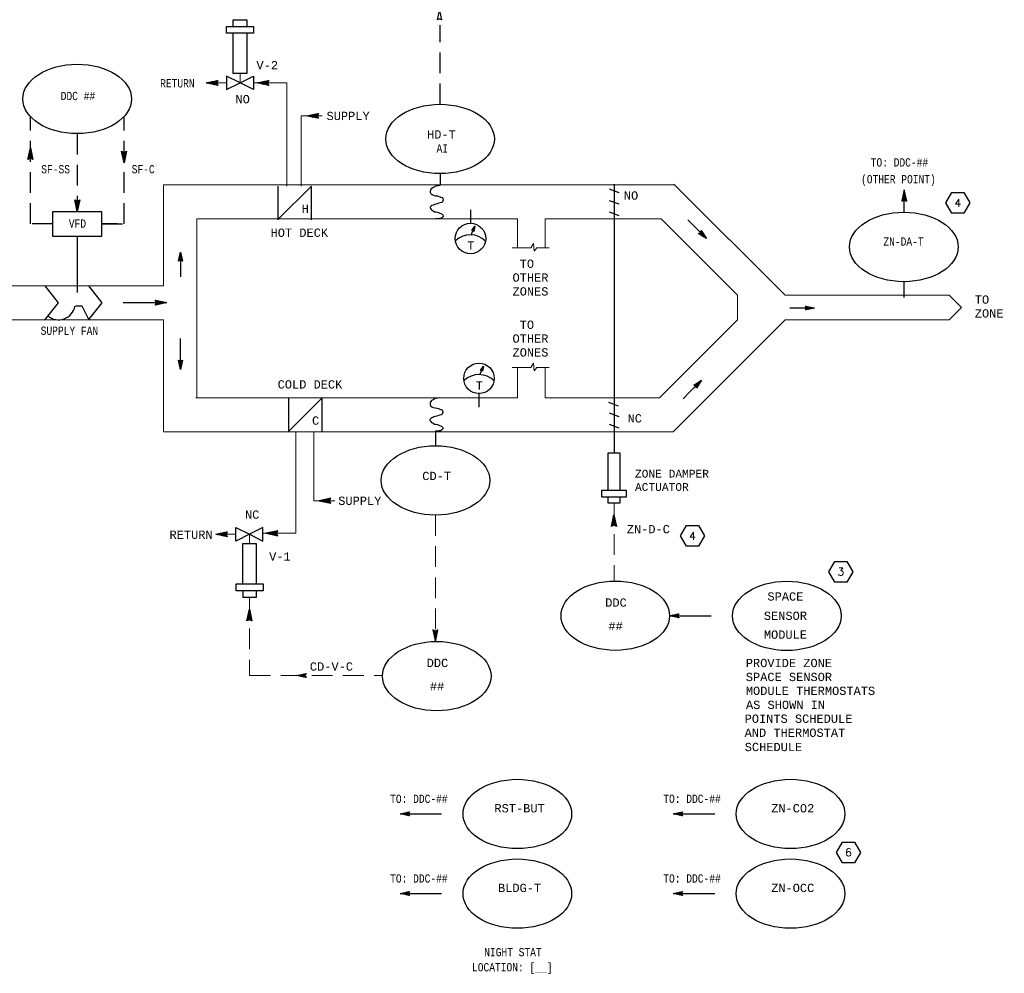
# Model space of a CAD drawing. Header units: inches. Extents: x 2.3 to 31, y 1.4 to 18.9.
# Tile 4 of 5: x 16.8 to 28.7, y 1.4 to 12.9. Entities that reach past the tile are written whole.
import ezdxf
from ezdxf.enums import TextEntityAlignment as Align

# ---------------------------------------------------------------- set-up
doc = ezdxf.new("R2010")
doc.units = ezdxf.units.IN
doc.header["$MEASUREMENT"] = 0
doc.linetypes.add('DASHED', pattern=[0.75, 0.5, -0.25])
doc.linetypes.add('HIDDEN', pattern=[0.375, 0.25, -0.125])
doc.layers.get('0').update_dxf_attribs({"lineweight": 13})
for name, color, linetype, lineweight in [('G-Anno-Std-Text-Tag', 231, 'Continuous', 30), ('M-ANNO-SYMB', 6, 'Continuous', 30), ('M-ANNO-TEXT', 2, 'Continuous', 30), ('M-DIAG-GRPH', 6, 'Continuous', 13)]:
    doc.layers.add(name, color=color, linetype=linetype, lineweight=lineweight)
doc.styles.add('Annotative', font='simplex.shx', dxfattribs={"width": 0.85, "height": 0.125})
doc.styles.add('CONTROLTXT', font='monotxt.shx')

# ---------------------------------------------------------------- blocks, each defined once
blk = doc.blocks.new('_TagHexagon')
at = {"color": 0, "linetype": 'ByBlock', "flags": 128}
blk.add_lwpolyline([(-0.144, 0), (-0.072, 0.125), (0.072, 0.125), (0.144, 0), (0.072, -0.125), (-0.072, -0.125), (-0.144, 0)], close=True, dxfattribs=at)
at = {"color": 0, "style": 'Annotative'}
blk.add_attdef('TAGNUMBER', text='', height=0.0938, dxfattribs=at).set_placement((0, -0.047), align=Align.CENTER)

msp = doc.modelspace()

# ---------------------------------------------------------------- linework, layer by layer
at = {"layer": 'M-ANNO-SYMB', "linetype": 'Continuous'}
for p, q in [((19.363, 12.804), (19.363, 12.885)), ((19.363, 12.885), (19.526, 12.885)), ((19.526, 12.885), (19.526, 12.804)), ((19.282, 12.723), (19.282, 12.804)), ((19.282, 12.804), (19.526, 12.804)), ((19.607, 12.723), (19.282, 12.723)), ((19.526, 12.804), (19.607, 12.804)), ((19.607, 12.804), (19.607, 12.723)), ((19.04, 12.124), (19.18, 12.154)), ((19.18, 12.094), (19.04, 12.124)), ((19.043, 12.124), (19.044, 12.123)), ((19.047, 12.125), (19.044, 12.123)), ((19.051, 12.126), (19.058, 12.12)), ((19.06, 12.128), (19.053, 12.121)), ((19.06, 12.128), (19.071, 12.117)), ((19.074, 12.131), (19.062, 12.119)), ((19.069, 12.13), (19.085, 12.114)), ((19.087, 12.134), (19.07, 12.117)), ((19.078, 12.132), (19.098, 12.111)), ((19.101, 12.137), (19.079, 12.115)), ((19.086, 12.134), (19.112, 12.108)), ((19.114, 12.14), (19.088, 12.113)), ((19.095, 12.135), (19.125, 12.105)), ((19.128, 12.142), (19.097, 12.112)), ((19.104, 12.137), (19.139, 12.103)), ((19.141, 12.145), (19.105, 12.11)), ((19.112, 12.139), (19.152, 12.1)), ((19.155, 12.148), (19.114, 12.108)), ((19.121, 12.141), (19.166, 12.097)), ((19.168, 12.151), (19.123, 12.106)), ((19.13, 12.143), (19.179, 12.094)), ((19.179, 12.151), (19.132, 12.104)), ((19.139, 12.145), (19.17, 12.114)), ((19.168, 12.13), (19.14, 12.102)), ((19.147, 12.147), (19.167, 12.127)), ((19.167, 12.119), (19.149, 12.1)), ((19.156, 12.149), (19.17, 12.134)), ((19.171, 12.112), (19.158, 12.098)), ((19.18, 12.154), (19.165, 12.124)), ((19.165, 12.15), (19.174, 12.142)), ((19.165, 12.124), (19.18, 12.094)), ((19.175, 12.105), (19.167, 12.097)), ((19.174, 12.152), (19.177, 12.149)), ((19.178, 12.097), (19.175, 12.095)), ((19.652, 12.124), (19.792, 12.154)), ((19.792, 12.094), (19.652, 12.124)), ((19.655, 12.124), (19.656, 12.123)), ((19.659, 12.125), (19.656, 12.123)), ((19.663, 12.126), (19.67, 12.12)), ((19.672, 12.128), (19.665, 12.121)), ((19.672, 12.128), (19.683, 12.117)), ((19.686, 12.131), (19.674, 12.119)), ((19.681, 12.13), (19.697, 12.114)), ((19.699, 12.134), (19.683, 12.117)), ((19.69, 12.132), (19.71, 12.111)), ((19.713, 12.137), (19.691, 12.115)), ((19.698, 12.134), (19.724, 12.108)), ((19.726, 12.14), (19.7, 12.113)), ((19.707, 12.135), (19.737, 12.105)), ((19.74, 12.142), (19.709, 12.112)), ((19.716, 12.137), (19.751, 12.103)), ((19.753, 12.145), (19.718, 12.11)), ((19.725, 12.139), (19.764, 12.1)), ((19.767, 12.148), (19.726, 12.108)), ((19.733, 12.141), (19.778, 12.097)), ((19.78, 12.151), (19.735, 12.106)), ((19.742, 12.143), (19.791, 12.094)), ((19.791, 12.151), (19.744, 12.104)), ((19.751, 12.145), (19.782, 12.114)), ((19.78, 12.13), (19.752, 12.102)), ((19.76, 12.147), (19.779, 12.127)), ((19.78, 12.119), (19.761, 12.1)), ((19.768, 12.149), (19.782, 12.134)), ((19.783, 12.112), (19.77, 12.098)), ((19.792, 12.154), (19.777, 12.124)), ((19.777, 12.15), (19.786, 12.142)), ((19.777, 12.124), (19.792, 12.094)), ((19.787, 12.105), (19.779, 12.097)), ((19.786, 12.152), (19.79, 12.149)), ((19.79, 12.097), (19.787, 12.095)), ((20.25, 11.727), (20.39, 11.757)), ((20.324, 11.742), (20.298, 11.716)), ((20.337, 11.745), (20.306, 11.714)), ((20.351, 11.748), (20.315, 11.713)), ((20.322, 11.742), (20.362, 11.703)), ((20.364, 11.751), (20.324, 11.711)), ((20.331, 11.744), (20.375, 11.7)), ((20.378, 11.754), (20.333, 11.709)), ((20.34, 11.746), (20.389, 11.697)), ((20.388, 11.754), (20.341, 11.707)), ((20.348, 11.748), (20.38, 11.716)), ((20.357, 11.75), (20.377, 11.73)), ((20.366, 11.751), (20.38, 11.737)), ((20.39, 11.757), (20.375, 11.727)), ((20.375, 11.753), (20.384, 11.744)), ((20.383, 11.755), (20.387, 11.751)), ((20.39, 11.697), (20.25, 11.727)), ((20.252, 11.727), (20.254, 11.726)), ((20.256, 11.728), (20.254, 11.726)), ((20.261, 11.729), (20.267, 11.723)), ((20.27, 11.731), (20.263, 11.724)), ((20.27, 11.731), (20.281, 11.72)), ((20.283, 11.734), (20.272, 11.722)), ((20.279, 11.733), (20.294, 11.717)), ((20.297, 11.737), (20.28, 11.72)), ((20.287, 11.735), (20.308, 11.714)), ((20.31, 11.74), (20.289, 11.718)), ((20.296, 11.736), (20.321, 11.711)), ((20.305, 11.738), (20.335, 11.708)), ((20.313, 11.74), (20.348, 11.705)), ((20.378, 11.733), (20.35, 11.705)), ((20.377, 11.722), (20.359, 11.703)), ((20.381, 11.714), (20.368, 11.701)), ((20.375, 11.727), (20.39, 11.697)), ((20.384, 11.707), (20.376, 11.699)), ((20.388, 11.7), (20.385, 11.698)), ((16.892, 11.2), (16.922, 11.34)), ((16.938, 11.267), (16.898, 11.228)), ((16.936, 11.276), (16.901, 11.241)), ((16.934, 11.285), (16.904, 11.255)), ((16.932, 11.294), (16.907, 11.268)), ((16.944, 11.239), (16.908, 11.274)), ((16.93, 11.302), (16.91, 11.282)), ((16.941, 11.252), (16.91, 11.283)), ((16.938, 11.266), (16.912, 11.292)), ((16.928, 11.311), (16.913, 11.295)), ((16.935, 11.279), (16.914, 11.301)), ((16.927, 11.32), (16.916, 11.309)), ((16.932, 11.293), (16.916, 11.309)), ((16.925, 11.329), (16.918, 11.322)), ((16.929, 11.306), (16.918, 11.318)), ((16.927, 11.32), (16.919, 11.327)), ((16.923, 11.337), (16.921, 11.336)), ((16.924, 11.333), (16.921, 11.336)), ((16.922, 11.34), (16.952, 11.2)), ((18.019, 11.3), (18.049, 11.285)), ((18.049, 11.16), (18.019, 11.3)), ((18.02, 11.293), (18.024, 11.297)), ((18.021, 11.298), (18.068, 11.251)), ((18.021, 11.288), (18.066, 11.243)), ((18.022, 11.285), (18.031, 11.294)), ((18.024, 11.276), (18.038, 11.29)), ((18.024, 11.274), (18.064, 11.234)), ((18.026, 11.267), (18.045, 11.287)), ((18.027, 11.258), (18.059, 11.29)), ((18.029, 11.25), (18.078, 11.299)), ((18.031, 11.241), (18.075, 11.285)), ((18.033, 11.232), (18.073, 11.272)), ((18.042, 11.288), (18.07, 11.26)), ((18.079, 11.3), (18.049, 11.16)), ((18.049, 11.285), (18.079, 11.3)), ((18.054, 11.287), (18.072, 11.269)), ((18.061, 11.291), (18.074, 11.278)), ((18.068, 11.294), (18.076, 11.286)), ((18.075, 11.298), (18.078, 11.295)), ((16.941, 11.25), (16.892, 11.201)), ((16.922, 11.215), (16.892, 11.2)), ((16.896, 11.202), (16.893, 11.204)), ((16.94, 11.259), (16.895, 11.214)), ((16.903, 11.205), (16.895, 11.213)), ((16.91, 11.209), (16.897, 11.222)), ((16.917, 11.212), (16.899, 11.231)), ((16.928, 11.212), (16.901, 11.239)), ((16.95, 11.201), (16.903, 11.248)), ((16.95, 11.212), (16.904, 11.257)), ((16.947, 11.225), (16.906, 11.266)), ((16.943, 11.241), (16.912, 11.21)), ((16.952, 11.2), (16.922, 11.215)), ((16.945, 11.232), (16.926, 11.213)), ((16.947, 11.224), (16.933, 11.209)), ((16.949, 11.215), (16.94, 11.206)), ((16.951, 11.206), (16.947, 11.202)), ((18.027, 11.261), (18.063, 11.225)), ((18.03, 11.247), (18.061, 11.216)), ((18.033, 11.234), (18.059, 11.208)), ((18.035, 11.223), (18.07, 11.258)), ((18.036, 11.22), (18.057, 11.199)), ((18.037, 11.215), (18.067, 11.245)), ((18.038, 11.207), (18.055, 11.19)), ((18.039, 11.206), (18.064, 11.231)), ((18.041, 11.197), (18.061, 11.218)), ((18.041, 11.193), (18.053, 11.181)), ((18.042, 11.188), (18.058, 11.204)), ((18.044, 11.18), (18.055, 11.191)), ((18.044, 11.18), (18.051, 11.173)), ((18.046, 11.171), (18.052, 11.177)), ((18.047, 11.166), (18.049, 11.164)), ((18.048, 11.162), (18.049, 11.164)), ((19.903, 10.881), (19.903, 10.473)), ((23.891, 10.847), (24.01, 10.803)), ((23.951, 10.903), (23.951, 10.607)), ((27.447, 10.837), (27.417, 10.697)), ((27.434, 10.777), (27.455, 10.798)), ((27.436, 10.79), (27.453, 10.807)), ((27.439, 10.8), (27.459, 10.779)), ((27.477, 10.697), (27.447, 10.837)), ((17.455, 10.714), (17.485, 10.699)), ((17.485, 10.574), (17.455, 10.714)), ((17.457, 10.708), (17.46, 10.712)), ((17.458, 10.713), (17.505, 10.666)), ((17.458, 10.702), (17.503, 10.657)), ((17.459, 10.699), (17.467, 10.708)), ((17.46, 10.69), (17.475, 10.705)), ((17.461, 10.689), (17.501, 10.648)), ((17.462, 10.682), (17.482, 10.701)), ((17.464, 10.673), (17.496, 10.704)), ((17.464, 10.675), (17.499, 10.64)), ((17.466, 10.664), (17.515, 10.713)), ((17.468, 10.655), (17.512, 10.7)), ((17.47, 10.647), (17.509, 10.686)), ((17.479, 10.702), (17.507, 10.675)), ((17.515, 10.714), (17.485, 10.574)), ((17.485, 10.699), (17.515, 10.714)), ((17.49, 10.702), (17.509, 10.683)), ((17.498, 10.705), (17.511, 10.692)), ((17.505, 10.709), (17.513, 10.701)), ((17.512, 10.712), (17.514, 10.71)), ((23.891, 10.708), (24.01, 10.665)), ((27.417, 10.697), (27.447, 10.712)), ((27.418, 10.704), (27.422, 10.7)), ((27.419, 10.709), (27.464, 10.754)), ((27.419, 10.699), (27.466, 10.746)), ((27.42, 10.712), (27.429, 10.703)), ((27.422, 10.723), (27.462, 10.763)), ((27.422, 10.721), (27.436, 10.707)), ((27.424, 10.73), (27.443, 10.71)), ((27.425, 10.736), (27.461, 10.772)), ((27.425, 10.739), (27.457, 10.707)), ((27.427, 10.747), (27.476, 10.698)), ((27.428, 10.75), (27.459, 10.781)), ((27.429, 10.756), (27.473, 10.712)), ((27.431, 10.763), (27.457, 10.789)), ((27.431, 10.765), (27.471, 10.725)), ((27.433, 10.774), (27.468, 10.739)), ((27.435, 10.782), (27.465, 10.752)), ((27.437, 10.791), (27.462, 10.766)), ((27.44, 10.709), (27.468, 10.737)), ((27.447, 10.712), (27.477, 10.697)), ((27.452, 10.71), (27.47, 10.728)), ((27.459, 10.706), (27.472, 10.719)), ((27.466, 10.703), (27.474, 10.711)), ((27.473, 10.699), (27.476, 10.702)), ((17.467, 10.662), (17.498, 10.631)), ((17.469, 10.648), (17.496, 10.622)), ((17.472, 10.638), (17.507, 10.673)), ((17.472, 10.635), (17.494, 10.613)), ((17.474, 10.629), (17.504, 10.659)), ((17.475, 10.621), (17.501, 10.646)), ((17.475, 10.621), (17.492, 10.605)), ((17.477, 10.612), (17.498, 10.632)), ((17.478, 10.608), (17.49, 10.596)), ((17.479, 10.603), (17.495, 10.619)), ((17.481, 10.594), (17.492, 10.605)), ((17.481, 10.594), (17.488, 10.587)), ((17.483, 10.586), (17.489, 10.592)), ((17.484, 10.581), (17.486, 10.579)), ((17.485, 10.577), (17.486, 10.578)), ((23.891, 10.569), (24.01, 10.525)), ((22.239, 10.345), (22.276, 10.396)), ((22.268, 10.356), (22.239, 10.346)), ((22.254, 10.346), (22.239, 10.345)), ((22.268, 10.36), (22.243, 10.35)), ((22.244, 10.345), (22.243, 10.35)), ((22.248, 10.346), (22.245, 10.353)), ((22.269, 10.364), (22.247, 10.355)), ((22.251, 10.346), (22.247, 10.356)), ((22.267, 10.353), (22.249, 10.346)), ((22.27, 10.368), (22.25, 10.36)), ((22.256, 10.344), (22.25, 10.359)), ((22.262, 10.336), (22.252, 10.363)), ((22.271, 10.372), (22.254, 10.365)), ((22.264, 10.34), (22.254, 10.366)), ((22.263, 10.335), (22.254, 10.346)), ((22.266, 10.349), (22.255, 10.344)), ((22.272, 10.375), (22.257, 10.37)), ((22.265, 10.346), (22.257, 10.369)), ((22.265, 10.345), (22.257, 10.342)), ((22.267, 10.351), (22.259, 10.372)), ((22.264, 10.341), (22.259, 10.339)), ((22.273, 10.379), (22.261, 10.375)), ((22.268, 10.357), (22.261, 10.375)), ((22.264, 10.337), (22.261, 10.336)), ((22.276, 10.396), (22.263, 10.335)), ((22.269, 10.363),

▶ **WORK REQUEST**
The lines from the start of the data through the line that contains "doc.linetypes.add('HIDDEN', pattern=[0.375, 0.25, -0.125])" are to be returned exactly, please, with both ends included and every picture left out.

▶ **RESPONSE TO THE TASK**
# Model space of a CAD drawing. Header units: inches. Extents: x 2.3 to 31, y 1.4 to 18.9.
# Tile 4 of 5: x 16.8 to 28.7, y 1.4 to 12.9. Entities that reach past the tile are written whole.
import ezdxf
from ezdxf.enums import TextEntityAlignment as Align

# ---------------------------------------------------------------- set-up
doc = ezdxf.new("R2010")
doc.units = ezdxf.units.IN
doc.header["$MEASUREMENT"] = 0
doc.linetypes.add('DASHED', pattern=[0.75, 0.5, -0.25])
doc.linetypes.add('HIDDEN', pattern=[0.375, 0.25, -0.125])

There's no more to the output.